Personally, I wouldn’t recommend the Elvie Stride as your only pump. If you’re using your insurance to purchase an Elvie Stride, just know that you will likely purchase another pump in the future. The Elvie Stride might be enough to cover your needs if you’re only pumping occasionally. But if you’re full time pumping, it likely won’t be enough long term.
Some other good features to highlight from the Willow Go:
The parts are pretty big and easy to clean. It has the standard five parts to clean, but the duckbill valve is big and easy to clean which is great.
The setup is pretty straightforward. There is one thing that’s a little bit tricky about the setup of the Willow Go. If you like to utilize the fridge hack, where you put your pump parts in the fridge in between pumping sessions and then just pull them out again for the next one instead of washing them (which the CDC does not recommend but no judgment if that makes your life easier!) it’s very difficult with the Willow Go because of where the motor is placed. The motor is in the middle of all of these parts so it does make it a little bit tricky to utilize that hack.
How bulky are these pumps when in use?
I tested the bulkiness of both pumps under clothes, specifically scrubs. I think it’s interesting to try under scrubs because they’re not very stretchy.
The Elvie Stride is slimmer than the Willow Go but not by that much. It does have a visible divot under clothes where the plug part is located so it’s a little bit more noticeable that you’re wearing a pump.
There’s really no wearable pump that is going to be 100% discreet. Even with the original Elvie, which is probably one of the most trim in the bra wearable pumps, you would still notice that someone is wearing that pump. If you’re interested in discreetness for wearable pumps, check out this video!
You can run the Elvie Stride tubing down your shirt. You can even clip this on a pocket or a waistband if you want. There are also really cute and functional bags from Mimi and Pal that are kind of like a fanny pack but for all of your pumping stuff so you can be totally hands free!
Overall Thoughts about the Willow Go and Elvie Stride
The Willow Go has only been out for a short time (April 2022) but so far the reviews have been much more positive on the Willow Go than they have been on the Elvie Stride. The Elvie Stride has really mixed reviews, some people hate it, some people love it.

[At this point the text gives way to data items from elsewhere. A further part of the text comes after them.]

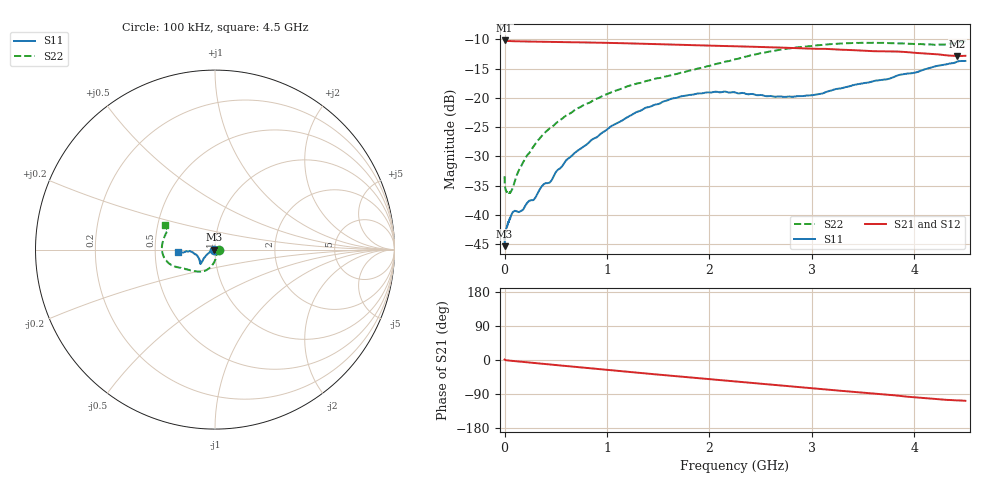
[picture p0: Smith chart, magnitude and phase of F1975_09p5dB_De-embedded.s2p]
! Integrated Device Technology
! Corporate Headquarters
! 6024 Silver Creek Valley Road
! San Jose, CA 95138  USA
! Phone:  1-408-284-8200
! Toll Free:  1-800-223-1366
! Webpage:  http://www.idt.com/
! Timing and RF Division
! 515 Groton Road, Suite 102
! Westford, MA 01886-6024
! Device:  F1975
! Description: 6-bit, 75 ohm, 0.5 dB Digital Step Attenuator
! Frequency:  5.0 MHz -  3.00 GHz
! Package:  4x4 mm QFN Plastic Package: 20 pin
! Ports:  2 RF, 11 DC
!  Pin  1  = D5 (16 dB)
!  Pin  2  = RF1  =  Port 1
!  Pin  3  = Serial Data In (DATA)
!  Pin  4  = Serial Clock (CLK)
!  Pin  5  = Serial Latch Enable (LE)
!  Pin  6  = VDD
!  Pin  7  = NC
!  Pin  8  = NC
!  Pin  9  = NC
!  Pin 10  = GND
!  Pin 11  = GND
!  Pin 12  = NC
!  Pin 13  = VMODE
!  Pin 14  = RF2  =  Port 2
!  Pin 15  = D4 (8 dB)
!  Pin 16  = D3 (4 dB)
!  Pin 17  = D2 (2 dB)
!  Pin 18  = NC
!  Pin 19  = D1 (1 dB)
!  Pin 20  = D0 (0.5 dB)
! State:  19
! Atten State:  9.5 dB
! Voltage:  +3.30 Volts
! Current:  0.563 mA
! Data:  The device was measured on a F1975 evaluation board which has
!  individual transmission lines to the RF pins.  Data was collected
!  using a calibrated network analyzer.  The evaluation board was
!  de-embedded using Automatic Fixture Removal (AFR).
!  The reference plane is the edge of the package pin.
! Misc:
!  Action Tracker AT0415
! Date Measured:  2018-02-08
! Date:  2018-03-26  MJV
! Note:
!  Integrated Device Technology supplies this data as a sample of measured
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# GHz S dB R 75
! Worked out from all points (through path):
!   291 points, 100 kHz to 4.5 GHz, reference 75 ohm
!   highest |S21| = -10.16 dB at 100 kHz (marker M1); lowest = -12.8 dB at 4.42 GHz (marker M2)
!   group delay of S21, straight-line fit = 67.8 ps
!   lowest |S11| = -45.4 dB at 100 kHz (marker M3), VSWR 1.01, Z = 74.2 - j0.00729 ohm
!   |S11| at or under -10 dB: start of sweep to end of sweep
!   |S22| runs from -36.3 to -10.2 dB; largest |S21 - S12| = 0.00018
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0.0001  -45.37 -179.5  -10.16 1.2  -10.16 1.2  -33.41 -0.4
0.0005  -44.29 -176.2  -10.18 1.1  -10.18 1.1  -34.02 -2.9
0.002  -43.51 -174.8  -10.21 0.8  -10.21 0.8  -34.88 -5.0
0.017  -42.39 -172.3  -10.25 -0.7  -10.24 -0.7  -36.01 -17.9
0.056  -40.58 -169.6  -10.28 -1.8  -10.28 -1.8  -36.21 -39.3
0.08  -39.53 -164.6  -10.29 -2.4  -10.29 -2.4  -35.43 -52.3
0.14  -39.55 -158.0  -10.32 -4.0  -10.32 -4.0  -32.37 -65.7
0.32  -36.43 -163.1  -10.37 -8.7  -10.37 -8.7  -27.35 -82.6
0.38  -34.81 -158.5  -10.39 -10.3  -10.39 -10.3  -26.22 -84.8
0.44  -34.50 -157.6  -10.41 -11.7  -10.40 -11.8  -25.21 -86.6
0.6  -30.70 -157.6  -10.45 -15.8  -10.45 -15.8  -23.01 -93.8
0.76  -28.46 -151.9  -10.50 -19.9  -10.50 -19.9  -21.35 -99.3
1.04  -24.84 -146.9  -10.59 -27.1  -10.59 -27.1  -19.04 -108.3
1.38  -21.66 -141.1  -10.74 -35.6  -10.74 -35.6  -17.12 -120.0
1.52  -20.93 -138.1  -10.78 -39.0  -10.78 -39.0  -16.58 -124.8
1.88  -19.27 -135.6  -10.99 -47.8  -10.99 -47.8  -15.00 -139.1
2.26  -19.11 -137.9  -11.16 -56.8  -11.16 -56.8  -13.35 -151.3
2.64  -19.80 -148.3  -11.35 -65.9  -11.35 -65.9  -11.93 -159.7
3.02  -19.50 -163.3  -11.57 -74.8  -11.57 -74.8  -11.06 -168.0
3.76  -16.70 -175.9  -12.02 -91.9  -12.02 -91.9  -10.62 171.9
4.42  -13.79 -174.7  -12.83 -106.5  -12.83 -106.5  -10.50 155.3
4.5  -13.67 -176.7  -12.79 -107.7  -12.79 -107.7  -10.24 154.0
| TEXAS INSTRUMENTS INCORPORATED
| Standard Linear and Logic Group
| IBIS Model of SN74ALVCH162344
| 1-BIT TO 4-BIT ADDRESS DRIVER WITH 3-STATE OUTPUTS
| This file contains package information for the following:
|  SSOP 56-pin (DL) package as [Component] ALVCH162344_DL
|  TSSOP 56-pin (DGG) package as [Component] ALVCH162344_DGG
|  TVSOP 56-pin (DGV) package as [Component] ALVCH162344_DGV
| This device can be powered at the following Vccs:
|  3.3 volt Vcc
|  2.5 volt Vcc
|  1.8 volt Vcc
| This file provides unique models under the [Model Selector] for each Vcc.
| For operation at a specific Vcc, select the appropriate model after each
| [Model Selector] keyword.
[IBIS Ver]   3.2
[Comment char]  |_char
[File Name]   sn74alvch162344.ibs
[File Rev]   1.1 | x_die
[Date]   Sept 13, 2001
[Source]   Data created from TI-SPICE simulations at TI-SLL.
[Notes]   The following is an IBIS list for the ALVCH162344.
   Please contact sllibis@ti.com with questions and
   comments concerning SLL IBIS models.
   Non-Convergence in the following files:
   gc_alvch162344_oein_33, extrapolated from 0.5 V plus
   pc_alvch162344_oein_33, extrapolated from 0.93 V plus
   gc_alvch162344_oein_25, extrapolated from 0.5 V plus
   pc_alvch162344_oein_25, extrapolated from 0.69 V plus
   gc_alvch162344_oein_18, extrapolated from 0.5 V plus
   pc_alvch162344_oein_18, extrapolated from 0.5 V plus
   - Due to Bus Hold in the input circuit, some Clamp curves
   have non-monotonic data
[Disclaimer] Property of Texas Instruments Incorporated.  Unauthorized
   reproduction and/or distribution is strictly prohibited.
   This product is protected under copyright law.
   Created  2001, (C) Copyright  2001, Texas Instruments
   Incorporated, All Rights Reserved
   UNLESS THERE IS A SIGNED, WRITTEN AGREEMENT TO THE
   CONTRARY, TEXAS INSTRUMENTS (TI) IS PROVIDING THE IBIS
   MODELS  AND WITHOUT ANY WARRANTY, EXPRESSED OR
   IMPLIED.  TI assumes no liability for:
   1) the accuracy of the IBIS models provided to your
   company;
   2) the proper functioning of these IBIS Models in your
   design or for any resulting applications; or
   3) infringement of patents, copyrights or intellectual
   property rights resulting from your use of these IBIS
   models.
   TI provides IBIS Models as a service to our customers.
   You and your company shall not distribute, sell or give
   these models to anyone else without prior written
   permission from TI.
   TI reserves the right to make changes to our products or
   to discontinue any semiconductor product or service
   without notice, and advises our customers to obtain the
   latest version of relevant information to verify, before
   placing orders, that the information being relied on is
   current.
   Please be aware that your receipt and use of the IBIS
   information provided shall serve as acceptance of these
   terms and conditions.  If you do not accept these terms,
   you should return or destroy the IBIS models and any
   other accompanying information immediately.
| Component ALVCH162344_DL 56-pin SSOP
[Component]   ALVCH162344_DL
[Manufacturer]   Texas Instruments, Inc.
[Package]
|   typ   min   max
R_pkg   5.500e-02   4.800e-02   6.700e-02
L_pkg   6.539e-09   4.802e-09   9.746e-09
C_pkg   1.880e-13   7.600e-14   5.170e-13
[Pin]   signal_name   model_name   R_pin   L_pin   C_pin
1   NOE1   ALVCH162344_OEIN   6.400e-02   9.646e-09   5.130e-13
2   1B1   ALVCH162344_OUT   5.900e-02   8.723e-09   2.700e-13
3   1B2   ALVCH162344_OUT   5.900e-02   8.139e-09   2.230e-13
4   GND   GND   5.600e-02   7.554e-09   2.010e-13
5   1B3   ALVCH162344_OUT   5.400e-02   6.991e-09   1.950e-13
6   1B4   ALVCH162344_OUT   5.300e-02   6.659e-09   2.020e-13
7   VCC   POWER   5.500e-02   6.321e-09   2.070e-13
8   1A   ALVCH162344_IN   5.500e-02   5.942e-09   1.330e-13
9   2B1   ALVCH162344_OUT   5.700e-02   5.767e-09   1.320e-13
10   2B2   ALVCH162344_OUT   5.400e-02   5.459e-09   1.210e-13
11   GND   GND   5.100e-02   5.224e-09   1.400e-13
12   2B3   ALVCH162344_OUT   4.800e-02   5.088e-09   1.260e-13
13   2B4   ALVCH162344_OUT   5.000e-02   5.021e-09   9.600e-14
14   2A   ALVCH162344_IN   5.100e-02   4.802e-09   7.600e-14
15   3A   ALVCH162344_IN   5.100e-02   4.803e-09   7.600e-14
16   3B1   ALVCH162344_OUT   5.000e-02   5.021e-09   9.600e-14
17   3B2   ALVCH162344_OUT   4.800e-02   5.088e-09   1.260e-13
18   GND   GND   5.100e-02   5.224e-09   1.400e-13
19   3B3   ALVCH162344_OUT   5.400e-02   5.459e-09   1.210e-13
20   3B4   ALVCH162344_OUT   5.700e-02   5.768e-09   1.330e-13
21   4A   ALVCH162344_IN   5.500e-02   5.942e-09   1.330e-13
22   VCC   POWER   5.500e-02   6.320e-09   2.060e-13
23   4B1   ALVCH162344_OUT   5.300e-02   6.659e-09   2.030e-13
24   4B2   ALVCH162344_OUT   5.400e-02   6.991e-09   1.960e-13
25   GND   GND   5.600e-02   7.554e-09   2.010e-13
26   4B3   ALVCH162344_OUT   5.900e-02   8.139e-09   2.230e-13
27   4B4   ALVCH162344_OUT   5.900e-02   8.727e-09   2.700e-13
28   NOE2   ALVCH162344_OEIN   6.700e-02   9.746e-09   5.170e-13
29   NOE3   ALVCH162344_OEIN   6.300e-02   9.630e-09   5.110e-13
30   5B4   ALVCH162344_OUT   6.000e-02   8.751e-09   2.710e-13
31   5B3   ALVCH162344_OUT   6.000e-02   8.184e-09   2.250e-13
32   GND   GND   5.600e-02   7.543e-09   2.000e-13
33   5B2   ALVCH162344_OUT   5.400e-02   7.005e-09   1.960e-13
34   5B1   ALVCH162344_OUT   5.600e-02   6.714e-09   2.040e-13
35   VCC   POWER   5.800e-02   6.384e-09   2.080e-13
36   5A   ALVCH162344_IN   5.700e-02   5.976e-09   1.340e-13
37   6B4   ALVCH162344_OUT   5.700e-02   5.743e-09   1.300e-13
38   6B3   ALVCH162344_OUT   5.400e-02   5.468e-09   1.190e-13
39   GND   GND   5.500e-02   5.328e-09   1.420e-13
40   6B2   ALVCH162344_OUT   5.200e-02   5.189e-09   1.290e-13
41   6B1   ALVCH162344_OUT   5.200e-02   5.053e-09   9.600e-14
42   6A   ALVCH162344_IN   5.100e-02   4.825e-09   7.600e-14
43   7A   ALVCH162344_IN   5.400e-02   4.896e-09   7.800e-14
44   7B4   ALVCH162344_OUT   5.200e-02   5.093e-09   9.700e-14
45   7B3   ALVCH162344_OUT   5.100e-02   5.179e-09   1.280e-13
46   GND   GND   5.400e-02   5.314e-09   1.420e-13
47   7B2   ALVCH162344_OUT   5.500e-02   5.511e-09   1.210e-13
48   7B1   ALVCH162344_OUT   5.700e-02   5.771e-09   1.310e-13
49   8A   ALVCH162344_IN   5.600e-02   5.957e-09   1.330e-13
50   VCC   POWER   5.500e-02   6.320e-09   2.060e-13
51   8B4   ALVCH162344_OUT   5.200e-02   6.621e-09   2.000e-13
52   8B3   ALVCH162344_OUT   5.300e-02   6.973e-09   1.950e-13
53   GND   GND   5.700e-02   7.571e-09   2.020e-13
54   8B2   ALVCH162344_OUT   5.700e-02   8.097e-09   2.220e-13
55   8B1   ALVCH162344_OUT   5.900e-02   8.723e-09   2.710e-13
56   NOE4   ALVCH162344_OEIN   6.100e-02   9.560e-09   5.090e-13
| Component ALVCH162344_DGG 56-pin TSSOP
[Component]   ALVCH162344_DGG
[Manufacturer]   Texas Instruments, Inc.
[Package]
|   typ   min   max
R_pkg   4.500e-02   3.500e-02   6.200e-02
L_pkg   3.324e-09   2.403e-09   5.094e-09
C_pkg   5.640e-13   3.410e-13   9.140e-13
[Pin]   signal_name   model_name   R_pin   L_pin   C_pin
1   NOE1   ALVCH162344_OEIN   6.200e-02   5.094e-09   8.560e-13
2   1B1   ALVCH162344_OUT   6.100e-02   4.621e-09   9.020e-13
3   1B2   ALVCH162344_OUT   6.000e-02   4.316e-09   8.020e-13
4   GND   GND   5.900e-02   3.968e-09   6.980e-13
5   1B3   ALVCH162344_OUT   5.700e-02   3.716e-09   6.490e-13
6   1B4   ALVCH162344_OUT   4.200e-02   3.517e-09   6.520e-13
7   VCC   POWER   4.100e-02   3.160e-09   5.700e-13
8   1A   ALVCH162344_IN   3.900e-02   2.981e-09   4.820e-13
9   2B1   ALVCH162344_OUT   3.900e-02   2.809e-09   4.470e-13
10   2B2   ALVCH162344_OUT   3.800e-02   2.715e-09   4.090e-13
11   GND   GND   4.100e-02   2.675e-09   3.910e-13
12   2B3   ALVCH162344_OUT   3.900e-02   2.536e-09   3.660e-13
13   2B4   ALVCH162344_OUT   3.900e-02   2.457e-09   3.480e-13
14   2A   ALVCH162344_IN   3.800e-02   2.411e-09   3.530e-13
15   3A   ALVCH162344_IN   3.900e-02   2.456e-09   3.550e-13
16   3B1   ALVCH162344_OUT   3.900e-02   2.471e-09   3.490e-13
17   3B2   ALVCH162344_OUT   4.000e-02   2.580e-09   3.700e-13
18   GND   GND   3.800e-02   2.651e-09   3.890e-13
19   3B3   ALVCH162344_OUT   3.800e-02   2.739e-09   4.110e-13
20   3B4   ALVCH162344_OUT   3.900e-02   2.838e-09   4.490e-13
21   4A   ALVCH162344_IN   3.800e-02   2.988e-09   4.840e-13
22   VCC   POWER   3.800e-02   3.105e-09   5.640e-13
23   4B1   ALVCH162344_OUT   4.000e-02   3.427e-09   6.380e-13
24   4B2   ALVCH162344_OUT   5.600e-02   3.654e-09   6.410e-13
25   GND   GND   5.700e-02   3.932e-09   7.000e-13
26   4B3   ALVCH162344_OUT   5.800e-02   4.257e-09   8.060e-13
27   4B4   ALVCH162344_OUT   5.700e-02   4.580e-09   9.140e-13
28   NOE2   ALVCH162344_OEIN   5.900e-02   5.038e-09   8.610e-13
29   NOE3   ALVCH162344_OEIN   6.000e-02   5.058e-09   8.580e-13
30   5B4   ALVCH162344_OUT   5.600e-02   4.543e-09   9.040e-13
31   5B3   ALVCH162344_OUT   5.700e-02   4.240e-09   8.030e-13
32   GND   GND   5.700e-02   3.929e-09   7.000e-13
33   5B2   ALVCH162344_OUT   5.600e-02   3.616e-09   6.370e-13
34   5B1   ALVCH162344_OUT   3.700e-02   3.368e-09   6.400e-13
35   VCC   POWER   3.600e-02   3.024e-09   5.630e-13
36   5A   ALVCH162344_IN   3.500e-02   2.876e-09   4.740e-13
37   6B4   ALVCH162344_OUT   3.500e-02   2.745e-09   4.440e-13
38   6B3   ALVCH162344_OUT   3.700e-02   2.683e-09   4.050e-13
39   GND   GND   3.800e-02   2.603e-09   3.820e-13
40   6B2   ALVCH162344_OUT   3.800e-02   2.510e-09   3.620e-13
41   6B1   ALVCH162344_OUT   3.600e-02   2.412e-09   3.410e-13
42   6A   ALVCH162344_IN   3.800e-02   2.416e-09   3.490e-13
43   7A   ALVCH162344_IN   3.700e-02   2.403e-09   3.490e-13
44   7B4   ALVCH162344_OUT   3.700e-02   2.429e-09   3.410e-13
45   7B3   ALVCH162344_OUT   3.600e-02   2.482e-09   3.580e-13
46   GND   GND   3.700e-02   2.615e-09   3.810e-13
47   7B2   ALVCH162344_OUT   3.500e-02   2.669e-09   4.020e-13
48   7B1   ALVCH162344_OUT   3.600e-02   2.763e-09   4.420e-13
49   8A   ALVCH162344_IN   3.600e-02   2.942e-09   4.780e-13
50   VCC   POWER   3.500e-02   3.053e-09   5.640e-13
51   8B4   ALVCH162344_OUT   3.600e-02   3.409e-09   6.410e-13
52   8B3   ALVCH162344_OUT   5.800e-02   3.698e-09   6.410e-13
53   GND   GND   5.900e-02   3.975e-09   6.970e-13
54   8B2   ALVCH162344_OUT   6.100e-02   4.327e-09   8.020e-13
55   8B1   ALVCH162344_OUT   6.100e-02   4.624e-09   9.050e-13
56   NOE4   ALVCH162344_OEIN   6.000e-02   5.063e-09   8.580e-13
| Component ALVCH162344_DGV 56-pin TVSOP
[Component]   ALVCH162344_DGV
[Manufacturer]   Texas Instruments, Inc.
[Package]
|   typ   min   max
R_pkg   6.300e-02   5.000e-02   8.600e-02
L_pkg   2.945e-09   2.392e-09   3.938e-09
C_pkg   3.910e-13   2.710e-13   5.880e-13
[Pin]   signal_name   model_name   R_pin   L_pin   C_pin
1   NOE1   ALVCH162344_OEIN   6.800e-02   3.933e-09   5.880e-13
2   1B1   ALVCH162344_OUT   6.800e-02   3.569e-09   5.860e-13
3   1B2   ALVCH162344_OUT   7.600e-02   3.464e-09   5.150e-13
4   GND   GND   8.600e-02   3.451e-09   4.580e-13
5   1B3   ALVCH162344_OUT   8.200e-02   3.278e-09   4.260e-13
6   1B4   ALVCH162344_OUT   7.700e-02   3.143e-09   3.870e-13
7   VCC   POWER   6.900e-02   2.971e-09   4.010e-13
8   1A   ALVCH162344_IN   5.000e-02   2.787e-09   3.790e-13
9   2B1   ALVCH162344_OUT   5.100e-02   2.686e-09   3.200e-13
10   2B2   ALVCH162344_OUT   5.200e-02   2.607e-09   3.160e-13
11   GND   GND   5.300e-02   2.497e-09   2.970e-13
12   2B3   ALVCH162344_OUT   5.400e-02   2.438e-09   2.920e-13
13   2B4   ALVCH162344_OUT   5.500e-02   2.412e-09   2.860e-13
14   2A   ALVCH162344_IN   5.500e-02   2.400e-09   2.730e-13
15   3A   ALVCH162344_IN   5.500e-02   2.402e-09   2.730e-13
16   3B1   ALVCH162344_OUT   5.400e-02   2.398e-09   2.840e-13
17   3B2   ALVCH162344_OUT   5.400e-02   2.407e-09   2.890e-13
18   GND   GND   5.300e-02   2.448e-09   2.930e-13
19   3B3   ALVCH162344_OUT   5.200e-02   2.548e-09   3.110e-13
20   3B4   ALVCH162344_OUT   5.100e-02   2.623e-09   3.160e-13
21   4A   ALVCH162344_IN   5.000e-02   2.725e-09   3.700e-13
22   VCC   POWER   6.500e-02   2.903e-09   3.940e-13
23   4B1   ALVCH162344_OUT   7.300e-02   3.086e-09   3.870e-13
24   4B2   ALVCH162344_OUT   8.200e-02   3.272e-09   4.280e-13
25   GND   GND   8.200e-02   3.394e-09   4.570e-13
26   4B3   ALVCH162344_OUT   7.100e-02   3.374e-09   5.080e-13
27   4B4   ALVCH162344_OUT   6.900e-02   3.572e-09   5.810e-13
28   NOE2   ALVCH162344_OEIN   6.900e-02   3.937e-09   5.740e-13
29   NOE3   ALVCH162344_OEIN   6.900e-02   3.923e-09   5.690e-13
30   5B4   ALVCH162344_OUT   6.800e-02   3.546e-09   5.740e-13
31   5B3   ALVCH162344_OUT   7.400e-02   3.422e-09   5.180e-13
32   GND   GND   8.100e-02   3.395e-09   4.680e-13
33   5B2   ALVCH162344_OUT   8.000e-02   3.255e-09   4.310e-13
34   5B1   ALVCH162344_OUT   7.100e-02   3.063e-09   3.860e-13
35   VCC   POWER   6.100e-02   2.878e-09   3.900e-13
36   5A   ALVCH162344_IN   5.000e-02   2.709e-09   3.640e-13
37   6B4   ALVCH162344_OUT   5.100e-02   2.607e-09   3.110e-13
38   6B3   ALVCH162344_OUT   5.100e-02   2.532e-09   3.060e-13
39   GND   GND   5.300e-02   2.440e-09   2.890e-13
40   6B2   ALVCH162344_OUT   5.300e-02   2.399e-09   2.860e-13
41   6B1   ALVCH162344_OUT   5.400e-02   2.392e-09   2.820e-13
42   6A   ALVCH162344_IN   5.500e-02   2.399e-09   2.710e-13
43   7A   ALVCH162344_IN   5.500e-02   2.395e-09   2.710e-13
44   7B4   ALVCH162344_OUT   5.500e-02   2.403e-09   2.830e-13
45   7B3   ALVCH162344_OUT   5.400e-02   2.421e-09   2.880e-13
46   GND   GND   5.300e-02   2.472e-09   2.920e-13
47   7B2   ALVCH162344_OUT   5.100e-02   2.569e-09   3.090e-13
48   7B1   ALVCH162344_OUT   5.100e-02   2.636e-09   3.130e-13
49   8A   ALVCH162344_IN   5.000e-02   2.739e-09   3.660e-13
50   VCC   POWER   6.500e-02   2.922e-09   3.900e-13
51   8B4   ALVCH162344_OUT   7.200e-02   3.076e-09   3.840e-13
52   8B3   ALVCH162344_OUT   8.100e-02   3.249e-09   4.300e-13
53   GND   GND   8.300e-02   3.400e-09   4.550e-13
54   8B2   ALVCH162344_OUT   7.300e-02   3.421e-09   5.060e-13
55   8B1   ALVCH162344_OUT   6.900e-02   3.579e-09   5.780e-13
56   NOE4   ALVCH162344_OEIN   6.900e-02   3.938e-09   5.810e-13
| Model ALVCH162344_IN
[Model Selector]   ALVCH162344_IN
ALVCH162344_IN_33   3.3 volt Vcc
ALVCH162344_IN_25   2.5 volt Vcc
ALVCH162344_IN_18   1.8 volt Vcc
| Model ALVCH162344_OEIN
[Model Selector]   ALVCH162344_OEIN
ALVCH162344_OEIN_33   3.3 volt Vcc
ALVCH162344_OEIN_25   2.5 volt Vcc
ALVCH162344_OEIN_18   1.8 volt Vcc
| Model ALVCH162344_OUT
[Model Selector]   ALVCH162344_OUT
ALVCH162344_OUT_33   3.3 volt Vcc
ALVCH162344_OUT_25   2.5 volt Vcc
ALVCH162344_OUT_18   1.8 volt Vcc
| Models and submodels in the file (9): ALVCH162344_IN_33 (Input), ALVCH162344_IN_25 (Input), ALVCH162344_IN_18 (Input), ALVCH162344_OEIN_33 (Input), ALVCH162344_OEIN_25 (Input), ALVCH162344_OEIN_18 (Input), ALVCH162344_OUT_33 (3-state), ALVCH162344_OUT_25 (3-state), ALVCH162344_OUT_18 (3-state)

This was a general overview of the main differences between the Elvie Stride and the Willow Go. The Milky Hub has a great side by side chart comparison the Elvie Stride, the Elvie, the Willow Go, and the Willow. It compiles a lot of the features mentioned in our review here, but puts it altogether in one handy chart! Check it out!
If you have more questions about some of the specific differences or a part that I didn’t cover you wanted me to, please put it in the comments and I will do a follow-up for you!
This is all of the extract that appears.